Become A Franchise Owner
How Builders Can Boost Their Cash Flow with Financial Reporting Health Checks
A home build can stretch across multiple financial reporting periods. Just because you’re making a profit today, doesn’t mean you will have cash when you need it.
To keep your projects moving forward, you need to be able to stay profitable and pay for things in a timely manner. However, pushed-out build times and high inflation are making it more difficult for builders to maintain cash flow.
In a high-risk industry, that already has unique financial management requirements, builders need to equip themselves with the right tools, skills, and teammates to ensure that they are able to consistently deliver their work and scale.
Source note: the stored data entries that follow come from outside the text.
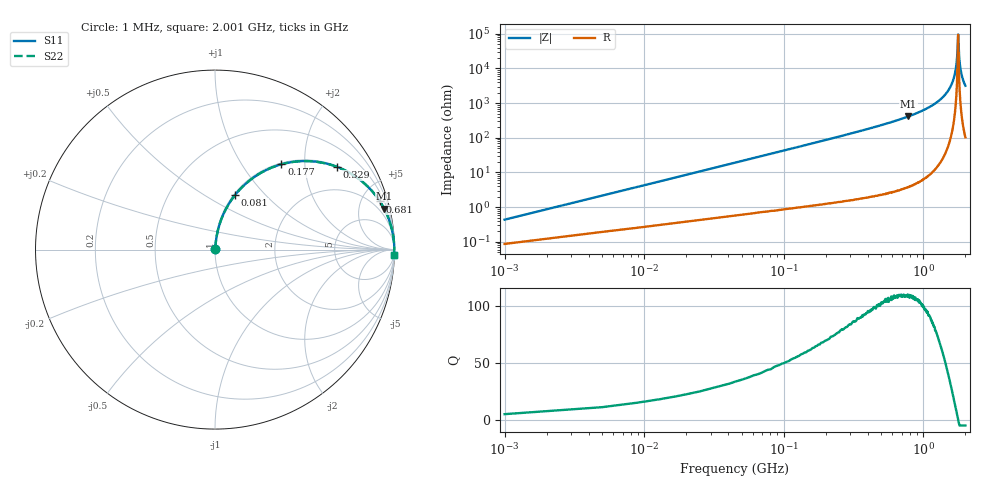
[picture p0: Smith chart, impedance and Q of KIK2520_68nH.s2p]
!version-2
!date-01.2022
!Series
# MHz S RI R 50
!Freq ReS11 ImS11 ReS21 ImS21 ReS12 ImS12 ReS22 ImS22
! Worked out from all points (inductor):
!   501 points, 1 MHz to 2.001 GHz, reference 50 ohm
!   read as one part in series: L = 68 nH near 9 MHz
!   highest Q = 109 at 781 MHz (marker M1), where L = 84.3 nH
!   self-resonance near 1.773 GHz
!   S11 on the Smith chart (normalised r, x): 1 MHz: 1.00, +0.01; 81 MHz: 1.02, +0.69; 177 MHz: 1.02, +1.53; 329 MHz: 1.03, +2.91; 681 MHz: 1.06, +6.82; 2.001 GHz: 3, -63
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1  0.000873 0.00426  0.9991 -0.00426  0.9991 -0.00426  0.000873 0.00426
13  0.00612 0.055  0.9939 -0.055  0.9939 -0.055  0.00612 0.055
25  0.0154 0.1047  0.9846 -0.1047  0.9846 -0.1047  0.0154 0.1047
49  0.0473 0.1984  0.9527 -0.1984  0.9527 -0.1984  0.0473 0.1984
81  0.1128 0.3053  0.8872 -0.3053  0.8872 -0.3053  0.1128 0.3053
177  0.3704 0.4754  0.6296 -0.4754  0.6296 -0.4754  0.3704 0.4754
329  0.6775 0.4617  0.3225 -0.4617  0.3225 -0.4617  0.6775 0.4617
337  0.6886 0.4575  0.3114 -0.4575  0.3114 -0.4575  0.6886 0.4575
669  0.9152 0.274  0.0848 -0.274  0.0848 -0.274  0.9152 0.274
681  0.9188 0.2686  0.0812 -0.2686  0.0812 -0.2686  0.9188 0.2686
781  0.9429 0.2274  0.057 -0.2274  0.057 -0.2274  0.9429 0.2274
1001  0.9737 0.155  0.0263 -0.155  0.0263 -0.155  0.9737 0.155
1337  0.9931 0.0752  0.00687 -0.0752  0.00687 -0.0752  0.9931 0.0752
1541  0.9975 0.0373  0.00247 -0.0373  0.00247 -0.0373  0.9975 0.0373
1669  0.9987 0.0163  0.0013 -0.0163  0.0013 -0.0163  0.9987 0.0163
1733  0.9989 0.00637  0.00106 -0.00637  0.00106 -0.00637  0.9989 0.00637
1769  0.999 0.000963  0.00102 -0.000963  0.00102 -0.000963  0.999 0.000963
1777  0.999 -0.000224  0.00102 0.000224  0.00102 0.000224  0.999 -0.000224
1809  0.999 -0.00492  0.00104 0.00492  0.00104 0.00492  0.999 -0.00492
1845  0.9989 -0.0101  0.00112 0.0101  0.00112 0.0101  0.9989 -0.0101
1909  0.9986 -0.0191  0.00138 0.0191  0.00138 0.0191  0.9986 -0.0191
2001  0.998 -0.0314  0.00201 0.0314  0.00201 0.0314  0.998 -0.0314

Step 1: Invest in Financial Management Software
When you create a small business as a builder, all of a sudden you need to become a business professional who is able to read a profit or loss balance sheet, understand the complexities of work-in-progress accounting, and be able to pay employees on time while meeting your legal requirements.
For some builders, it comes naturally, but for others, it doesn’t. Many builders track their bank balance, rather than their actual financials and it’s easy to fall into the trap of ignoring what you don’t understand. Having to stop a job halfway through can also have a big impact on your reputation, not to mention the financial and emotional stress that has flow-on effects on your customers.
That’s why it’s so important to have good financial management software and practices in place.
All of the franchisees within the G.J. Gardner Homes network have access to our proprietary GJ5 software. The platform has a variety of financial management tools, such as a built-in cash flow manager, job scheduling, electronic supplier invoicing, financial reporting, KPI tracking, and more.
Once you have the right tools and know-how in place to manage your finances, you can identify problems before they come up and give yourself the space to fix problems before they become major issues.
Step 2: Look at Your Real Cash Position
Your bank account balance is not your real cash position and it’s important to look at your financial reports regularly. Your profit and loss, and balance sheet will always have a story to tell you about your true cash flow position.
Work in progress accounting will also help you to get a picture of your true profit position in each respective reporting period. When your building costs are incurred and when your client is invoiced can vary greatly, while spanning across multiple reporting periods. That means that the financial position of your business ‘on paper’ can also vary, impacting your ability to apply for loans and insurance.
You might look profitable through one accounting method, but be running at a loss in another. So, being accurate is crucial to your success. Work-in-progress reports will help you to address these complexities and look at your true profit, which isn’t distorted by the timing of payment and expenses.
It’s also important to understand your tax obligations. When you start out in business, you may not have to pay tax until you’ve made a profit. But once you start getting traction and making more money, your tax obligations will start kicking in.
Sometimes you won’t report your financials until six to nine months later, and when that time comes you will still need to have money set aside to pay for your tax for the previous financial year and current installments.
Step 3: Analyze the Data
You also need to be able to scrutinize the integrity of the numbers and find positive or negative movements. If you have put good data into your financial management software system, then you’ll be confident that you’re getting good data and insights out on the other side.
If you are also setting and tracking KPIs you will be able to pick up where you might not be meeting cash flow benchmarks or best practices. For example, you might identify reduced gross profit margins that will impact your profitability, cash flow, and ability to pay overheads. You can then use your software to work backwards to find out what could have been done differently on the job down to every last invoice.
You should also look at big swings in particular jobs in your work-in-progress reports. If you spot big positive or negative WIP values, then it’s important to start looking through the report to figure out why.
Maybe your build times have slowed down and you’re not generating money fast enough to cover your overheads. As a result, you might look into what’s happening on-site and use a scheduling tool to speed things up.
Step 4: Act on the Insights
If something doesn’t look right, then you need to know how to act. Finances can be stressful, but if you’ve found a problem, you shouldn’t ignore it. That’s why it’s important to have a network of people that can support you. The right group of professionals can remove the guesswork and investigate problems with you.
At G.J. Gardner Homes, we have financial management specialists who are dedicated to helping our franchisees succeed. You will be amazed by how reassuring it can be to just pick up the phone and have a conversation.
Also keep in mind that accountants look backwards, not forwards. Make sure that you speak to people that can help you anticipate where you are going to have cash flow issues. If you know that times are going to get tough, then you can take immediate actions like securing short-term finance from a bank so that your team can keep moving.
Think About Tomorrow Just because things look good today, doesn’t mean that you should step away from your finances. When you continuously look at your true financial position and plan forward, you can have peace of mind and the space to act during the natural ups and downs of the industry.